▶ **ASSIGNMENT**
Work out how many lines in the records below include the string "clamps", and reply with that number alone.

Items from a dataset
┄┄┄┄┄┄┄┄┄┄┄┄┄┄┄┄┄┄┄┄
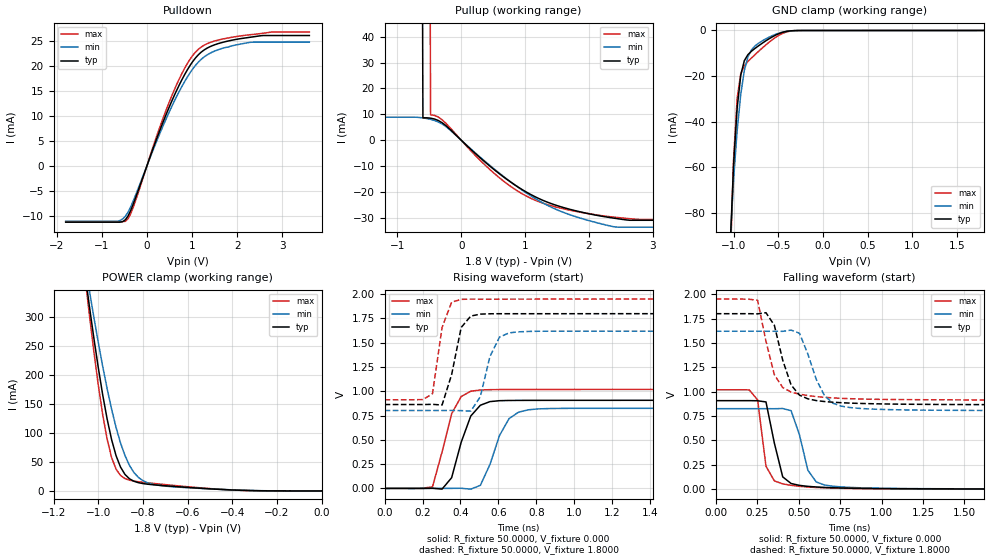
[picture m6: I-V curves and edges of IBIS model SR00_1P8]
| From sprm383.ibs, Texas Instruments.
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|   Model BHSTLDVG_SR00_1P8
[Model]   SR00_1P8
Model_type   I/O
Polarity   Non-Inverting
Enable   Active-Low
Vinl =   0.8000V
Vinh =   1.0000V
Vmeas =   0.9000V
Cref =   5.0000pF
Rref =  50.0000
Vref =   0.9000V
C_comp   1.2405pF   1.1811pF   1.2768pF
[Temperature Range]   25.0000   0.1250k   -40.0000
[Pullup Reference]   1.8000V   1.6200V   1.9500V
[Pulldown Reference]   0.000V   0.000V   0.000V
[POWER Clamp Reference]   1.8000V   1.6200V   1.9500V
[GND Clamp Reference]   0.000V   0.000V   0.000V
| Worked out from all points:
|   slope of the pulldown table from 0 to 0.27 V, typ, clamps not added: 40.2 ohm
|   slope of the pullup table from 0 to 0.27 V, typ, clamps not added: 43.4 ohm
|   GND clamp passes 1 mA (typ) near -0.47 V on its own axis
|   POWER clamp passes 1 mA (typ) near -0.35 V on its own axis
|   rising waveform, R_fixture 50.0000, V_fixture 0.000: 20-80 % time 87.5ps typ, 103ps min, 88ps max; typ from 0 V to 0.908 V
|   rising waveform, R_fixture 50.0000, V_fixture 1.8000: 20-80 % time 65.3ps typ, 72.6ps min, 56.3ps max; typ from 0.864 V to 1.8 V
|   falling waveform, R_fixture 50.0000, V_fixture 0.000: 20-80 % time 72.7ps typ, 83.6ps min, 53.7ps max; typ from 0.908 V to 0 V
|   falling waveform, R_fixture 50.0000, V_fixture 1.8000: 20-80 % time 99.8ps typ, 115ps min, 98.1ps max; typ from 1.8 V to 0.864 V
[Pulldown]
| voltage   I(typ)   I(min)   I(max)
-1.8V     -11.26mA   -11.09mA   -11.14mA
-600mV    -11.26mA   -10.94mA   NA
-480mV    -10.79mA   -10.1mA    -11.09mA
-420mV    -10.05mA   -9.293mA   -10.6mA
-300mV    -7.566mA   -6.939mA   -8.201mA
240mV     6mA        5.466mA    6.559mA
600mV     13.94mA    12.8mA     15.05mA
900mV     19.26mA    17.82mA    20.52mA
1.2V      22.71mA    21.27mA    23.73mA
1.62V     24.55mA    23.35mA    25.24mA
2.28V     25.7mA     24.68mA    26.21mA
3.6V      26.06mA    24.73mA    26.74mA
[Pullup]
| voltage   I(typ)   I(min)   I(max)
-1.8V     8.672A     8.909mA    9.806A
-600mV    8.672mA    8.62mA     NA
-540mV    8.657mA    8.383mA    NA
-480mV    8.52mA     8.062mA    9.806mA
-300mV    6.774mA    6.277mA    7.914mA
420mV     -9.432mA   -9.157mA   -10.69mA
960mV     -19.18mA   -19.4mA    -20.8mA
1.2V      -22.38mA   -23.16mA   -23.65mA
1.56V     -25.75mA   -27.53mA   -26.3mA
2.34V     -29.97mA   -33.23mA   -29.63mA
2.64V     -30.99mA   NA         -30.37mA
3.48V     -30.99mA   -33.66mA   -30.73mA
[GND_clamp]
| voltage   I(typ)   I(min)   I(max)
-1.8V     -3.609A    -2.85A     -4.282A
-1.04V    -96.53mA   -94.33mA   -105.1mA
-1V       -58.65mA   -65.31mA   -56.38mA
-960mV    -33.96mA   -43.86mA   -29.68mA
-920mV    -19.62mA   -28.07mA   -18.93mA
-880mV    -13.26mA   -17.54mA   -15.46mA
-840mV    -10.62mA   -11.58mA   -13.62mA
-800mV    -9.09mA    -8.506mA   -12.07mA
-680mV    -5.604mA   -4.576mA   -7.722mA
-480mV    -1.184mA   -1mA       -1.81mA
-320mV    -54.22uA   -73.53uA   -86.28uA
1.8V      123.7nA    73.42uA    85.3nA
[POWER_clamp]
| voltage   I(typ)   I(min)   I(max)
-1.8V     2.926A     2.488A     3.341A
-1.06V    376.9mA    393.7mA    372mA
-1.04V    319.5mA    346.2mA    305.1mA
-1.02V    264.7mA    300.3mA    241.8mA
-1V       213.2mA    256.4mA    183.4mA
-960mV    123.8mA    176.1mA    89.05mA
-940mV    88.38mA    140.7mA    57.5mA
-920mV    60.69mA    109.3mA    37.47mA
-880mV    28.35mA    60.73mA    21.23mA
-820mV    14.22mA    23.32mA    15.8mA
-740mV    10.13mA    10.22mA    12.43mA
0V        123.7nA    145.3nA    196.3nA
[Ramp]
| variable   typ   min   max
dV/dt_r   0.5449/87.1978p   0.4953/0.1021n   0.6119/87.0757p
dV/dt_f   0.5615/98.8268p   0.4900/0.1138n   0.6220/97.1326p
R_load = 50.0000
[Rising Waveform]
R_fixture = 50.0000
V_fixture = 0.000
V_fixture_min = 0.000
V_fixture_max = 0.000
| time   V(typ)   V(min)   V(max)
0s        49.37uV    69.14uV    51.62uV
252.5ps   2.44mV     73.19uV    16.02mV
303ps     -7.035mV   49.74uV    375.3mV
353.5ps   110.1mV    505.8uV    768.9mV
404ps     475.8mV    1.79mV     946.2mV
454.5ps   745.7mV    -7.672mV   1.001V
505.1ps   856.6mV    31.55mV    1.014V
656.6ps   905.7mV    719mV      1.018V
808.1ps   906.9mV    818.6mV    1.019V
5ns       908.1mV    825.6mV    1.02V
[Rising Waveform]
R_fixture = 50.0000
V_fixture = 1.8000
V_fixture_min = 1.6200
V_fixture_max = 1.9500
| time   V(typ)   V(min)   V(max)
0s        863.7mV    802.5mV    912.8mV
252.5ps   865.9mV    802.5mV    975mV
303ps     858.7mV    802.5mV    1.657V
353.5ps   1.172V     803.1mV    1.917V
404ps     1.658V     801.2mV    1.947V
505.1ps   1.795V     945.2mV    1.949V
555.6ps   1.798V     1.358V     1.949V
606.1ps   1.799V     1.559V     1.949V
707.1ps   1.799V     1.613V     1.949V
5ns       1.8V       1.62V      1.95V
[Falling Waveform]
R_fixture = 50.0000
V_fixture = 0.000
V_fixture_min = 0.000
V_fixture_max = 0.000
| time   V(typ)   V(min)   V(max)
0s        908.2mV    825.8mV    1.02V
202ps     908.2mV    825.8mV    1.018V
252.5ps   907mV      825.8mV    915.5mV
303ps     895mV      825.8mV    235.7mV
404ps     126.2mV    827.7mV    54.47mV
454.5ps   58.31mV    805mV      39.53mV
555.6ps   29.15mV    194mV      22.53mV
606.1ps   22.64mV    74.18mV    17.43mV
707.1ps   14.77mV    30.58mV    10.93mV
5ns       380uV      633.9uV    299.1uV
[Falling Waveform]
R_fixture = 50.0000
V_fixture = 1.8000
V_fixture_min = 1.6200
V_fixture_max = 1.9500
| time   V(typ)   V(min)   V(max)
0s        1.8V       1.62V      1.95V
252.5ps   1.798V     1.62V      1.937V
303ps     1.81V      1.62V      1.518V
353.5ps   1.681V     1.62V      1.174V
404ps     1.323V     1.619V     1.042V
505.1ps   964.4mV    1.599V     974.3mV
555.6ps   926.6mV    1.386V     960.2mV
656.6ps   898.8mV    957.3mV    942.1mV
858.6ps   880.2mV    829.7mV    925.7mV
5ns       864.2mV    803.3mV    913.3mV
┄┄┄┄┄┄┄┄┄┄┄┄┄┄┄┄┄┄┄┄
▶ **SOLVED PROBLEM**
2